The defense enzyme production profile was complemented with analysis of real time expression of the genes encoding them, by qPCR at 5 dpi only because the defense enzyme production was observed maximum at 5 dpi. Similar to results of defense enzyme production, maximum expression was found in corms primed with Bar D5 and inoculated with Fox R1 (T2) followed by Bam W2 primed and Fox R1 inoculated corms (T1) compare to CF, C, B1 and B2. The gene expression profiles for these defense enzymes were in sync with the enzyme production profiles, though the fold increase in expression of transcripts was more than that of enzymes (Table 7). Chandrashekaran et al. (2017) have reported maximum expression at 4 dpi of β,1-3 glucanase and PAL gene, in the tomato plant treated with B. subtilis CBR05 and challenged with Erwinia carotovora sub sp. carotovora (Chandrashekaran et al. 2017). In another study, B. subtilis CBR05 significantly induced the activity and expression of GLU and PAL enzymes, in tomato plant against Xanthomonas campestrispv versicatoria (XCV) and maximum activity and expression were at 72 h (Chandrashekaran et al. 2017). Interestingly, among all the defense enzymes studied in the present study, peroxidase (PO) was expressed maximum both at translational and transcriptional levels. Peroxidase is reported to detoxify reactive oxygen species generated during stress, therefore reactive burst is the major defense during stress conditions in many plants (Bhattacharjee 2019), which could be the probable reason of defense against Fox R1 in Crocus sativus as well.

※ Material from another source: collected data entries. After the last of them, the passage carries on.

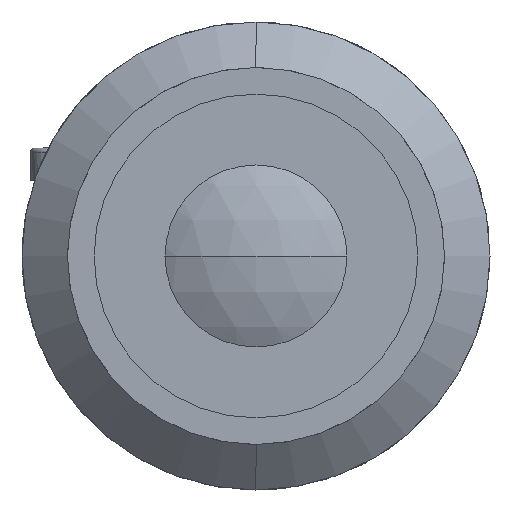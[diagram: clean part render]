
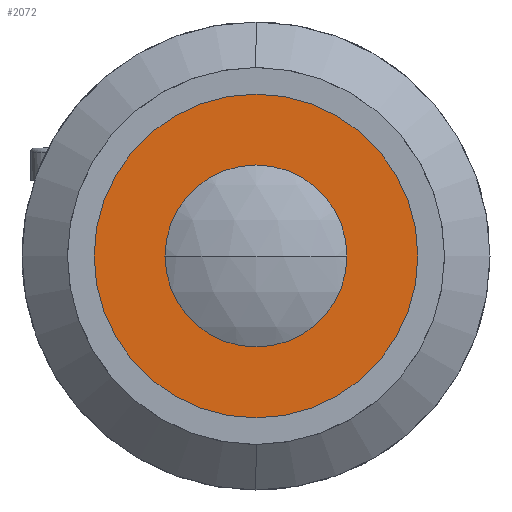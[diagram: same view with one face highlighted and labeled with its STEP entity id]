
A CAD part, left-side view. The second image highlights one B-rep face of the part: STEP entity #2072.
In plain terms, the highlighted planar face has unit normal (-1, 0, 0).
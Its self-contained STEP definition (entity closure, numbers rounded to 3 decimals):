
#70 = CARTESIAN_POINT ( 'NONE',  ( 3.8, 0., -7. ) ) ;
#129 = ORIENTED_EDGE ( 'NONE', *, *, #3209, .F. ) ;
#389 = ORIENTED_EDGE ( 'NONE', *, *, #3403, .T. ) ;
#519 = ORIENTED_EDGE ( 'NONE', *, *, #3351, .T. ) ;
#535 = AXIS2_PLACEMENT_3D ( 'NONE', #2963, #3443, #1893 ) ;
#724 = CARTESIAN_POINT ( 'NONE',  ( 3.8, 0., 0. ) ) ;
#732 = CARTESIAN_POINT ( 'NONE',  ( 3.8, 0., 0. ) ) ;
#760 = DIRECTION ( 'NONE',  ( -1., 0., 0. ) ) ;
#941 = VERTEX_POINT ( 'NONE', #1087 ) ;
#949 = CIRCLE ( 'NONE', #3081, 7. ) ;
#1002 = DIRECTION ( 'NONE',  ( 0., 0., 1. ) ) ;
#1009 = DIRECTION ( 'NONE',  ( 0., 0., 1. ) ) ;
#1047 = DIRECTION ( 'NONE',  ( -1., 0., 0. ) ) ;
#1087 = CARTESIAN_POINT ( 'NONE',  ( 3.8, 0., -13.5 ) ) ;
#1388 = FACE_BOUND ( 'NONE', #2482, .T. ) ;
#1597 = VERTEX_POINT ( 'NONE', #3060 ) ;
#1627 = PLANE ( 'NONE',  #535 ) ;
#1645 = FACE_OUTER_BOUND ( 'NONE', #2032, .T. ) ;
#1671 = VERTEX_POINT ( 'NONE', #70 ) ;
#1805 = CIRCLE ( 'NONE', #2863, 13.5 ) ;
#1888 = VERTEX_POINT ( 'NONE', #3378 ) ;
#1893 = DIRECTION ( 'NONE',  ( 0., 0., -1. ) ) ;
#1992 = CIRCLE ( 'NONE', #2773, 13.5 ) ;
#2032 = EDGE_LOOP ( 'NONE', ( #389, #519 ) ) ;
#2072 = ADVANCED_FACE ( 'NONE', ( #1388, #1645 ), #1627, .F. ) ;
#2399 = CARTESIAN_POINT ( 'NONE',  ( 3.8, 0., 0. ) ) ;
#2482 = EDGE_LOOP ( 'NONE', ( #2821, #129 ) ) ;
#2647 = DIRECTION ( 'NONE',  ( -1., 0., 0. ) ) ;
#2653 = DIRECTION ( 'NONE',  ( -1., 0., 0. ) ) ;
#2679 = DIRECTION ( 'NONE',  ( 0., 0., 1. ) ) ;
#2696 = CARTESIAN_POINT ( 'NONE',  ( 3.8, 0., 0. ) ) ;
#2738 = AXIS2_PLACEMENT_3D ( 'NONE', #2696, #1047, #2955 ) ;
#2773 = AXIS2_PLACEMENT_3D ( 'NONE', #2399, #760, #2679 ) ;
#2821 = ORIENTED_EDGE ( 'NONE', *, *, #3423, .F. ) ;
#2863 = AXIS2_PLACEMENT_3D ( 'NONE', #732, #2653, #1009 ) ;
#2955 = DIRECTION ( 'NONE',  ( 0., 0., 1. ) ) ;
#2963 = CARTESIAN_POINT ( 'NONE',  ( 3.8, 13.5, 0. ) ) ;
#3060 = CARTESIAN_POINT ( 'NONE',  ( 3.8, 0., 13.5 ) ) ;
#3081 = AXIS2_PLACEMENT_3D ( 'NONE', #724, #2647, #1002 ) ;
#3209 = EDGE_CURVE ( 'NONE', #1671, #1888, #949, .T. ) ;
#3308 = CIRCLE ( 'NONE', #2738, 7. ) ;
#3351 = EDGE_CURVE ( 'NONE', #941, #1597, #1805, .T. ) ;
#3378 = CARTESIAN_POINT ( 'NONE',  ( 3.8, 0., 7. ) ) ;
#3403 = EDGE_CURVE ( 'NONE', #1597, #941, #1992, .T. ) ;
#3423 = EDGE_CURVE ( 'NONE', #1888, #1671, #3308, .T. ) ;
#3443 = DIRECTION ( 'NONE',  ( 1., 0., 0. ) ) ;
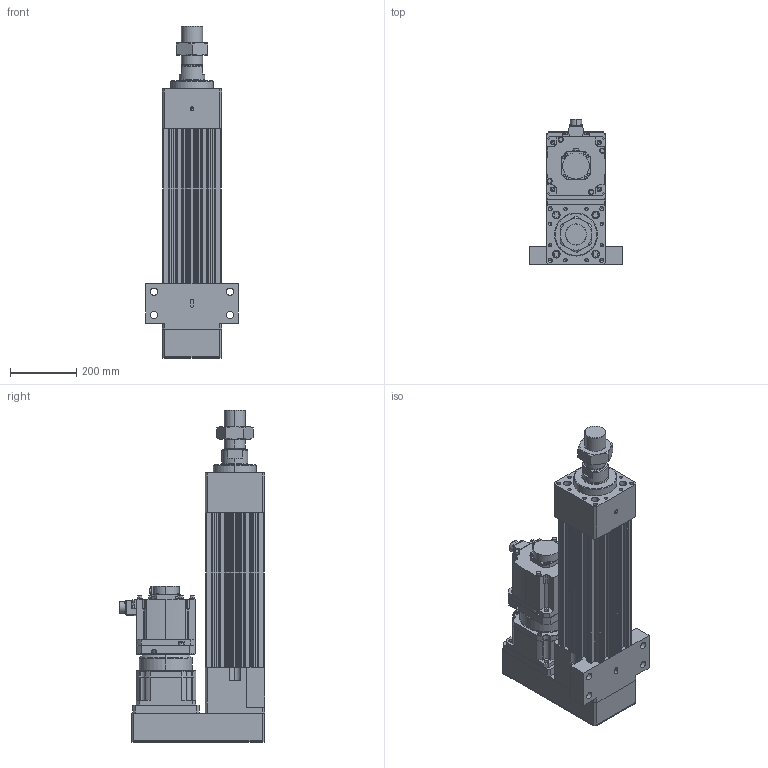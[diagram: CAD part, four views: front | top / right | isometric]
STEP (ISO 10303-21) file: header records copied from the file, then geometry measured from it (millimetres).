
FILE_DESCRIPTION (( 'STEP AP203' ), '1' );
FILE_NAME ('HES180HS-P150-W050G00-M-FFC.STEP', '2023-02-01T07:04:47', ( 'tms' ), ( '' ), 'SwSTEP 2.0', 'SolidWorks 2013', '' );
FILE_SCHEMA (( 'CONFIG_CONTROL_DESIGN' ));
Length unit declared in the file: millimetre
Products named in the file (9): HES180-P150-G180-FFC; AB180-003[HG-SR702B]; AB1801; P0403600401; HG-SR502; M64X2.0P; HES180 ROD M ST150; P1301600001; HES180HS-P150-W050G00-M-FFC
Assembly tree (8 placements, depth 3):
  HES180HS-P150-W050G00-M-FFC
    HES180-P150-G180-FFC
    HES180 ROD M ST150
    M64X2.0P
    AB180-003[HG-SR702B]
      AB1801
      P1301600001
      P0403600401
    HG-SR502
Bounding box: 280 x 438.85 x 1002 mm (x, y, z)
Volume: 24804539.9 mm3; surface area: 2046104.3 mm2
Topology: 4 solids, 19 shells, 1474 faces, 3821 edges, 2463 vertices
Faces by surface type: cylinder 686, plane 553, cone 168, bspline 63, torus 4
Entity records: 53682 total; most frequent: CARTESIAN_POINT 16162, DIRECTION 7905, ORIENTED_EDGE 7498, EDGE_CURVE 3773, AXIS2_PLACEMENT_3D 2986, VERTEX_POINT 2463, LINE 1933, VECTOR 1933

In the present study, there was significant inhibition of Fox R1 in-planta by Bam W2 and Bar D5 (Table 5). However, Bar D5 substantially reduced the load of Fox R1 as compared to Bam W2. The maximum inhibition was observed at 5 dpi and then the inhibition rate decreased at 8 and 11 dpi. The maximum inhibition at 5 dpi can be correlated with the maximum activity of defense related enzymes at 5 dpi. In lesion diameter method the inhibition % was (40.8 ± 2.79 in T1 and 60.9 ± 2.04 in T2) and in CFU method the inhibition % was (48.7 ± 2.03 in T1 and 70.5 ± 1.37 in T2) (Table 5). As the activity of enzymes decreased, there was a sudden rise in Fox R1 load. Similarly, bacterium Rhodopseudomonas palustris strain GJ-22 in-planta inhibited the growth of pathogen Phytophthora Infestans causing late blight in potato by 75% at 5 dpi (Zhang et al. 2020). Murolo et al. (2019) have checked the effect of three bioformulation in-planta against Cryphonectria parasitica, causing chestnut blight disease in sweet chestnut. In the co-inoculation method, B. subtilis reduced the necrotic areas by > 70% and in dual inoculations, B. subtilis reduced the size of cankers on chestnut stems (29–67%), Trichoderma spp. (36–65%) and Glomus spp. (31%–63%) at 15 dpi (Murolo et al. 2019). In the present study, it can be concluded that based on in-vitro PGP activities, pot assays for plant growth promotion, induction of defense related enzyme activity and expression and inhibition of Fox R1, Bar D5 has the potential to be used as a commercial PGP and biocontrol agent against Fusarium oxysporum R1 pathogen causing corm rot of saffron. However, commercialization of this Bacillus strain as a biostimulant or biocontrol will need standardization of formation methods for its large scale production and toxicological studies to certify it as safe to use.

Conclusion

Since replacement and/or complementation of chemical fertilizers by biological agents is the need of the hour, and in the case of saffron chemical augmentation is not effective anymore, as the yield is on decline year after year. Despite the availability of chemical fungicides, corm rot caused by Fusarium oxysporum is a major threat to saffron production world over. Based on comparison of in-vitro activity, in-planta pot assay for growth parameters, dry matter accumulation, defense enzyme production and expression of the corresponding genes, Bar D5 comes out to be the most suited biostimulant, in comparison to Bam W2. It has a clear advantage for its use as a bioinoculant for Crocus sativus due to its nativeness and its biocontrol activity through ISR. However, the actual molecular cross talk between the Bacillus-corm-pathogen and its signaling needs further investigation. Consequently, it may be evaluated for plant growth promotion and induction of systemic resistance against fungal pathogens, in other plants as well.